After each wash, which is once every two weeks.


----------



## *Muffin* (Sep 13, 2008)

I DC once every week.  I don't believe that you necessarily have to DC that often.  It all depends on the health and condition of your hair.  You could DC less or more, but I find that once a week works best for my hair.


----------



## Ganjababy (Sep 13, 2008)

2-4 times per week and my hair loves it.


----------



## Toy (Sep 13, 2008)

I deep condition 2x a week


----------



## The Girl (Sep 16, 2008)

I picked once a week b/c there was an _every time I wash_ option.


----------



## Kiki82 (Sep 16, 2008)

2 times per week


----------



## jazzyto (Dec 19, 2008)

I had been doing 2x a week but Ive noticed with certain conditioners I can do once a week and my hair still feel moist all week.


----------



## Superfly Sister (Dec 19, 2008)

At least once a week without fail.


----------



## PGirl (Dec 19, 2008)

Before LHCF, I never DC'd.  I mean never.  I wonder if that is why my hair stayed the same length since I was 14?  Now I do it 1x a week or more if I'm obsessive and I have retained good length and thickness in about 4 months. I can't wait till this time next year.  

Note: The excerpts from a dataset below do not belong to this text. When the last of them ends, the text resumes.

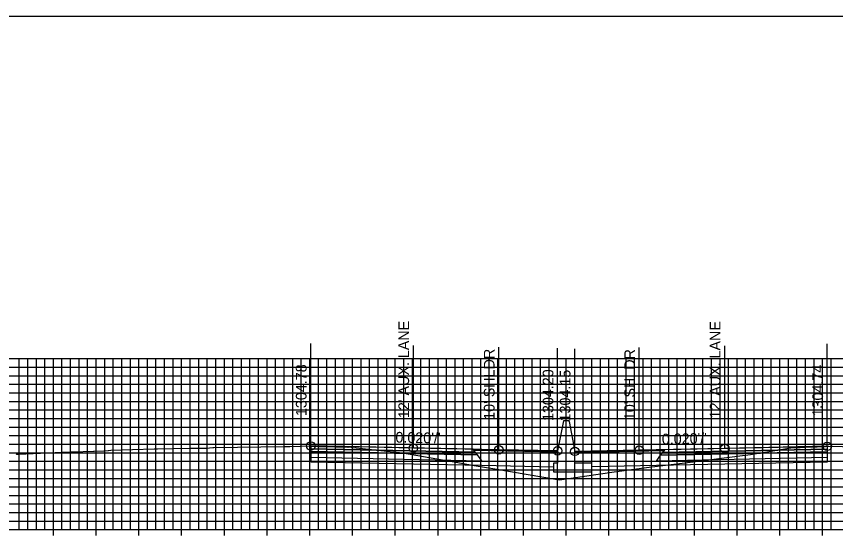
# Model space of a CAD drawing. Extents: x 674939 to 678919, y 750652 to 765176.
# Drawn here: x 678674.2 to 678770.1, y 754071.5 to 754132.6 of the extents above; entities that cross this region are included whole.
import ezdxf

# ---------------------------------------------------------------- set-up
doc = ezdxf.new("R2010")
doc.units = 0
for name, color, linetype in [('R_Alt Surface', 7, 'Continuous'), ('R_Axis', 7, 'Continuous'), ('R_Exist Surface', 7, 'Continuous'), ('R_Fin Surface', 7, 'Continuous'), ('R_Grid', 7, 'Continuous'), ('R_No Plot', 7, 'Continuous'), ('R_Proposed Road', 7, 'Continuous'), ('R_Xsect Elev', 7, 'Continuous'), ('R_Xsect Slope', 7, 'Continuous')]:
    doc.layers.add(name, color=color, linetype=linetype)

msp = doc.modelspace()

# ---------------------------------------------------------------- linework, layer by layer
at = {"layer": 'R_Alt Surface'}
for points in [[(678708.65, 754082.001), (678708.65, 754081.671), (678728.15, 754081.281), (678727.9, 754081.616)], [(678769.088, 754081.963), (678769.088, 754081.633), (678749.588, 754081.243), (678749.838, 754081.578)], [(678708.65, 754081.671), (678708.65, 754081.011), (678728.65, 754080.611), (678728.15, 754081.281)], [(678769.088, 754081.633), (678769.088, 754080.973), (678749.088, 754080.573), (678749.588, 754081.243)]]:
    msp.add_lwpolyline(points, close=True, dxfattribs=at)
for points in [[(678708.65, 754081.011), (678708.65, 754080.471), (678728.65, 754080.071), (678737.033, 754079.904)], [(678769.088, 754080.973), (678769.088, 754080.433), (678749.088, 754080.033), (678741.533, 754079.882)]]:
    msp.add_lwpolyline(points, dxfattribs=at)
at = {"layer": 'R_Axis'}
for p, q in [((678678.533, 754071.851), (678678.533, 754073.251)), ((678683.533, 754071.851), (678683.533, 754073.251)), ((678688.533, 754071.851), (678688.533, 754073.251)), ((678693.533, 754071.851), (678693.533, 754073.251)), ((678698.533, 754071.851), (678698.533, 754073.251)), ((678703.533, 754071.851), (678703.533, 754073.251)), ((678708.533, 754071.851), (678708.533, 754073.251)), ((678713.533, 754071.851), (678713.533, 754073.251)), ((678718.533, 754071.851), (678718.533, 754073.251)), ((678723.533, 754071.851), (678723.533, 754073.251)), ((678728.533, 754071.851), (678728.533, 754073.251)), ((678733.533, 754071.851), (678733.533, 754073.251)), ((678738.533, 754071.851), (678738.533, 754073.251)), ((678743.533, 754071.851), (678743.533, 754073.251)), ((678748.533, 754071.851), (678748.533, 754073.251)), ((678753.533, 754071.851), (678753.533, 754073.251)), ((678758.533, 754071.851), (678758.533, 754073.251)), ((678763.533, 754071.851), (678763.533, 754073.251)), ((678768.533, 754071.851), (678768.533, 754073.251)), ((678638.533, 754072.551), (678838.533, 754072.551))]:
    msp.add_line(p, q, dxfattribs=at)
at = {"layer": 'R_Exist Surface'}
msp.add_lwpolyline([(678674.16, 754081.354), (678674.226, 754081.365), (678674.241, 754081.368), (678674.429, 754081.376), (678680.454, 754081.652), (678680.63, 754081.66), (678680.771, 754081.664), (678683.218, 754081.741), (678683.3, 754081.742), (678684.429, 754081.765), (678684.46, 754081.768), (678684.955, 754081.807), (678684.971, 754081.809), (678685.23, 754081.829), (678690.311, 754081.983), (678690.701, 754081.994), (678694.465, 754082.064), (678694.737, 754082.069), (678696.431, 754082.096), (678696.806, 754082.1), (678697.183, 754082.142), (678697.289, 754082.147), (678705.568, 754082.275), (678706.184, 754082.285), (678708.631, 754082.332), (678708.633, 754082.332), (678708.65, 754082.331), (678708.696, 754082.329), (678709.619, 754082.272), (678709.678, 754082.271), (678710.242, 754082.262), (678710.619, 754082.283), (678711.56, 754082.235), (678711.654, 754082.234), (678712.031, 754082.243), (678712.972, 754082.21), (678713.031, 754082.207), (678713.034, 754082.208), (678713.1, 754082.228), (678713.61, 754082.17), (678719.372, 754081.542), (678725.872, 754080.384), (678727.766, 754080.054), (678730.193, 754079.647), (678737.761, 754078.367), (678743.886, 754079.266), (678747.916, 754079.81), (678752.422, 754080.379), (678760.096, 754081.337), (678763.89, 754081.954), (678765.065, 754082.149), (678765.106, 754082.141), (678765.616, 754082.173), (678765.895, 754082.163), (678766.498, 754082.185), (678767.196, 754082.218), (678767.476, 754082.21), (678767.898, 754082.222), (678768.736, 754082.257), (678768.886, 754082.266), (678769.088, 754082.293), (678769.165, 754082.303), (678769.257, 754082.308), (678772.472, 754082.252)], dxfattribs=at)
at = {"layer": 'R_Fin Surface'}
for points in [[(678737.533, 754081.754), (678730.65, 754081.891), (678720.65, 754082.091), (678708.65, 754082.331)], [(678769.088, 754082.293), (678757.088, 754082.053), (678747.088, 754081.853), (678739.533, 754081.702)]]:
    msp.add_lwpolyline(points, dxfattribs=at)
for points in [[(678708.65, 754082.331), (678708.65, 754082.001), (678727.9, 754081.616), (678727.65, 754081.951)], [(678727.65, 754081.951), (678737.533, 754081.754), (678737.537, 754081.596), (678727.769, 754081.791)], [(678749.969, 754081.753), (678739.533, 754081.544), (678739.533, 754081.702), (678750.088, 754081.913)], [(678769.088, 754082.293), (678769.088, 754081.963), (678749.838, 754081.578), (678750.088, 754081.913)]]:
    msp.add_lwpolyline(points, close=True, dxfattribs=at)
at = {"layer": 'R_Grid'}
for p, q in [((678638.533, 754092.551), (678838.533, 754092.551)), ((678674.533, 754072.551), (678674.533, 754092.551)), ((678675.533, 754072.551), (678675.533, 754092.551)), ((678676.533, 754072.551), (678676.533, 754092.551)), ((678677.533, 754072.551), (678677.533, 754092.551)), ((678678.533, 754072.551), (678678.533, 754092.551)), ((678679.533, 754072.551), (678679.533, 754092.551)), ((678680.533, 754072.551), (678680.533, 754092.551)), ((678681.533, 754072.551), (678681.533, 754092.551)), ((678682.533, 754072.551), (678682.533, 754092.551)), ((678683.533, 754072.551), (678683.533, 754092.551)), ((678684.533, 754072.551), (678684.533, 754092.551)), ((678685.533, 754072.551), (678685.533, 754092.551)), ((678686.533, 754072.551), (678686.533, 754092.551)), ((678687.533, 754072.551), (678687.533, 754092.551)), ((678688.533, 754072.551), (678688.533, 754092.551)), ((678689.533, 754072.551), (678689.533, 754092.551)), ((678690.533, 754072.551), (678690.533, 754092.551)), ((678691.533, 754072.551), (678691.533, 754092.551)), ((678692.533, 754072.551), (678692.533, 754092.551)), ((678693.533, 754072.551), (678693.533, 754092.551)), ((678694.533, 754072.551), (678694.533, 754092.551)), ((678695.533, 754072.551), (678695.533, 754092.551)), ((678696.533, 754072.551), (678696.533, 754092.551)), ((678697.533, 754072.551), (678697.533, 754092.551)), ((678698.533, 754072.551), (678698.533, 754092.551)), ((678699.533, 754072.551), (678699.533, 754092.551)), ((678700.533, 754072.551), (678700.533, 754092.551)), ((678701.533, 754072.551), (678701.533, 754092.551)), ((678702.533, 754072.551), (678702.533, 754092.551)), ((678703.533, 754072.551), (678703.533, 754092.551)), ((678704.533, 754072.551), (678704.533, 754092.551)), ((678705.533, 754072.551), (678705.533, 754092.551)), ((678706.533, 754072.551), (678706.533, 754092.551)), ((678707.533, 754072.551), (678707.533, 754092.551)), ((678708.533, 754072.551), (678708.533, 754092.551)), ((678709.533, 754072.551), (678709.533, 754092.551)), ((678710.533, 754072.551), (678710.533, 754092.551)), ((678711.533, 754072.551), (678711.533, 754092.551)), ((678712.533, 754072.551), (678712.533, 754092.551)), ((678713.533, 754072.551), (678713.533, 754092.551)), ((678714.533, 754072.551), (678714.533, 754092.551)), ((678715.533, 754072.551), (678715.533, 754092.551)), ((678716.533, 754072.551), (678716.533, 754092.551)), ((678717.533, 754072.551), (678717.533, 754092.551)), ((678718.533, 754072.551), (678718.533, 754092.551)), ((678719.533, 754072.551), (678719.533, 754092.551)), ((678720.533, 754072.551), (678720.533, 754092.551)), ((678721.533, 754072.551), (678721.533, 754092.551)), ((678722.533, 754072.551), (678722.533, 754092.551)), ((678723.533, 754072.551), (678723.533, 754092.551)), ((678724.533, 754072.551), (678724.533, 754092.551)), ((678725.533, 754072.551), (678725.533, 754092.551)), ((678726.533, 754072.551), (678726.533, 754092.551)), ((678727.533, 754072.551), (678727.533, 754092.551)), ((678728.533, 754072.551), (678728.533, 754092.551)), ((678729.533, 754072.551), (678729.533, 754092.551)), ((678730.533, 754072.551), (678730.533, 754092.551)), ((678731.533, 754072.551), (678731.533, 754092.551)), ((678732.533, 754072.551), (678732.533, 754092.551)), ((678733.533, 754072.551), (678733.533, 754092.551)), ((678734.533, 754072.551), (678734.533, 754092.551)), ((678735.533, 754072.551), (678735.533, 754092.551)), ((678736.533, 754072.551), (678736.533, 754092.551)), ((678737.533, 754072.551), (678737.533, 754092.551)), ((678738.533, 754072.551), (678738.533, 754092.551)), ((678739.533, 754072.551), (678739.533, 754092.551)), ((678740.533, 754072.551), (678740.533, 754092.551)), ((678741.533, 754072.551), (678741.533, 754092.551)), ((678742.533, 754072.551), (678742.533, 754092.551)), ((678743.533, 754072.551), (678743.533, 754092.551)), ((678744.533, 754072.551), (678744.533, 754092.551)), ((678745.533, 754072.551), (678745.533, 754092.551)), ((678746.533, 754072.551), (678746.533, 754092.551)), ((678747.533, 754072.551), (678747.533, 754092.551)), ((678748.533, 754072.551), (678748.533, 754092.551)), ((678749.533, 754072.551), (678749.533, 754092.551)), ((678750.533, 754072.551), (678750.533, 754092.551)), ((678751.533, 754072.551), (678751.533, 754092.551)), ((678752.533, 754072.551), (678752.533, 754092.551)), ((678753.533, 754072.551), (678753.533, 754092.551)), ((678754.533, 754072.551), (678754.533, 754092.551)), ((678755.533, 754072.551), (678755.533, 754092.551)), ((678756.533, 754072.551), (678756.533, 754092.551)), ((678757.533, 754072.551), (678757.533, 754092.551)), ((678758.533, 754072.551), (678758.533, 754092.551)), ((678759.533, 754072.551), (678759.533, 754092.551)), ((678760.533, 754072.551), (678760.533, 754092.551)), ((678761.533, 754072.551), (678761.533, 754092.551)), ((678762.533, 754072.551), (678762.533, 754092.551)), ((678763.533, 754072.551), (678763.533, 754092.551)), ((678764.533, 754072.551), (678764.533, 754092.551)), ((678765.533, 754072.551), (678765.533, 754092.551)), ((678766.533, 754072.551), (678766.533, 754092.551)), ((678767.533, 754072.551), (678767.533, 754092.551)), ((678768.533, 754072.551), (678768.533, 754092.551)), ((678769.533, 754072.551), (678769.533, 754092.551)), ((678638.533, 754091.551), (678838.533, 754091.551)), ((678638.533, 754090.551), (678838.533, 754090.551)), ((678638.533, 754089.551), (678838.533, 754089.551)), ((678638.533, 754088.551), (678838.533, 754088.551)), ((678638.533, 754087.551), (678838.533, 754087.551)), ((678638.533, 754086.551), (678838.533, 754086.551)), ((678638.533, 754085.551), (678838.533, 754085.551)), ((678638.533, 754084.551), (678838.533, 754084.551)), ((678638.533, 754083.551), (678838.533, 754083.551)), ((678638.533, 754082.551), (678838.533, 754082.551)), ((678638.533, 754081.551), (678838.533, 754081.551)), ((678638.533, 754080.551), (678838.533, 754080.551)), ((678638.533, 754079.551), (678838.533, 754079.551)), ((678638.533, 754078.551), (678838.533, 754078.551)), ((678638.533, 754077.551), (678838.533, 754077.551)), ((678638.533, 754076.551), (678838.533, 754076.551)), ((678638.533, 754075.551), (678838.533, 754075.551)), ((678638.533, 754074.551), (678838.533, 754074.551)), ((678638.533, 754073.551), (678838.533, 754073.551)), ((678638.533, 754072.551), (678838.533, 754072.551))]:
    msp.add_line(p, q, dxfattribs=at)
at = {"layer": 'R_No Plot'}
msp.add_lwpolyline([(678578.533, 753912.551), (678918.533, 753912.551), (678918.533, 754132.551), (678578.533, 754132.551)], close=True, dxfattribs=at)
for centre in [(678708.65, 754082.331), (678769.088, 754082.293), (678720.65, 754082.091), (678730.65, 754081.891), (678737.533, 754081.754), (678739.533, 754081.702), (678747.088, 754081.853), (678757.088, 754082.053)]:
    msp.add_circle(centre, 0.5, dxfattribs=at)
at = {"layer": 'R_Proposed Road'}
for points in [[(678738.203, 754085.254), (678737.533, 754081.754)], [(678738.863, 754085.202), (678738.863, 754085.254), (678738.203, 754085.254), (678738.203, 754085.254)], [(678738.863, 754085.202), (678739.533, 754081.702)], [(678737.533, 754081.754), (678737.533, 754080.327), (678737.033, 754080.327), (678737.033, 754079.327), (678741.533, 754079.327), (678741.533, 754080.327), (678739.533, 754080.327), (678739.533, 754081.702)]]:
    msp.add_lwpolyline(points, dxfattribs=at)
at = {"layer": 'R_Xsect Elev'}
for p, q in [((678708.65, 754082.331), (678708.65, 754094.331)), ((678769.088, 754082.293), (678769.088, 754094.293)), ((678720.65, 754082.091), (678720.65, 754094.091)), ((678730.65, 754081.891), (678730.65, 754093.891)), ((678737.533, 754081.754), (678737.533, 754093.754)), ((678739.533, 754081.702), (678739.533, 754093.702)), ((678747.088, 754081.853), (678747.088, 754093.853)), ((678757.088, 754082.053), (678757.088, 754094.053))]:
    msp.add_line(p, q, dxfattribs=at)

# ---------------------------------------------------------------- texts
for s, p in [("12' AUX. LANE", (678720.15, 754085.591)), ("12' AUX. LANE", (678756.588, 754085.553)), ("10' SHLDR", (678730.15, 754085.391)), ("10' SHLDR", (678746.588, 754085.353)), ('1304.78', (678708.15, 754085.831)), ('1304.74', (678768.588, 754085.793)), ('1304.20', (678737.033, 754085.254)), ('1304.15', (678739.033, 754085.202))]:
    msp.add_text(s, height=1.25, rotation=90, dxfattribs=at).set_placement(p)
at = {"layer": 'R_Xsect Slope'}
for rotation, p in [(358.85424, (678718.542, 754082.734)), (1.14576, (678749.737, 754082.506))]:
    msp.add_text("0.020'/'", height=1.25, rotation=rotation, dxfattribs=at).set_placement(p)

doc.saveas('drawing.dxf')

I love DC'ing...experimenting with different conditioners is fun (Usually!)


----------



## Golden75 (Dec 19, 2008)

2x per week. Was thinking 3x but also concerned about the overconditioning theory


----------



## Patricia (Dec 19, 2008)

One time a week


----------



## The Princess (Dec 19, 2008)

once a week


----------



## beans4reezy (Dec 19, 2008)

PGirl said:


> Before LHCF, I never DC'd. I mean never. I wonder if that is why my hair stayed the same length since I was 14? Now I do it 1x a week or more if I'm obsessive and I have retained good length and thickness in about 4 months. I can't wait till this time next year.
> 
> I love DC'ing...experimenting with different conditioners is fun (Usually!)


 
Same here.  Never DC'd and rarely moisturuzed and I wondered why my hair grew painfully slow...my hair was terribly dry and not retaining any length!!   I DC 1- 2x a week now.  I have started OCT and MT, so I will def. stick with a sold 2x a week.


----------



## Lanea87 (Dec 19, 2008)

Once a wk is just right for me, the hair washing process is long enough as is. I dont wanna add another day.


----------



## Stella B. (Dec 19, 2008)

Once a week is more than enough for me!  I dc after my shampoo.


----------



## LaidBak (Dec 19, 2008)

I started doing it after every shampoo.  With conditioner, olive oil, and 30 minutes of heat.


----------



## moonglowdiva (Dec 19, 2008)

*Twice a week.*


----------



## ladytee2 (Dec 19, 2008)

PGirl said:


> Before LHCF, I never DC'd. I mean never. I wonder if that is why my hair stayed the same length since I was 14? Now I do it 1x a week or more if I'm obsessive and I have retained good length and thickness in about 4 months. I can't wait till this time next year.
> 
> This is my life story except my beutician would put me under the dryer with conditioner and I would complain about the heat.  I didnt know any better.


----------



## LovinLea (Dec 20, 2008)

I DC 2x a week. Shampoo never touches my hair unless there's a DC in the mix, either before or after. Now that I've learned how important it is to DC the hair, it's not a question of whether or not to do it, it's just a Must. wash hair-DC, wash hair-DC...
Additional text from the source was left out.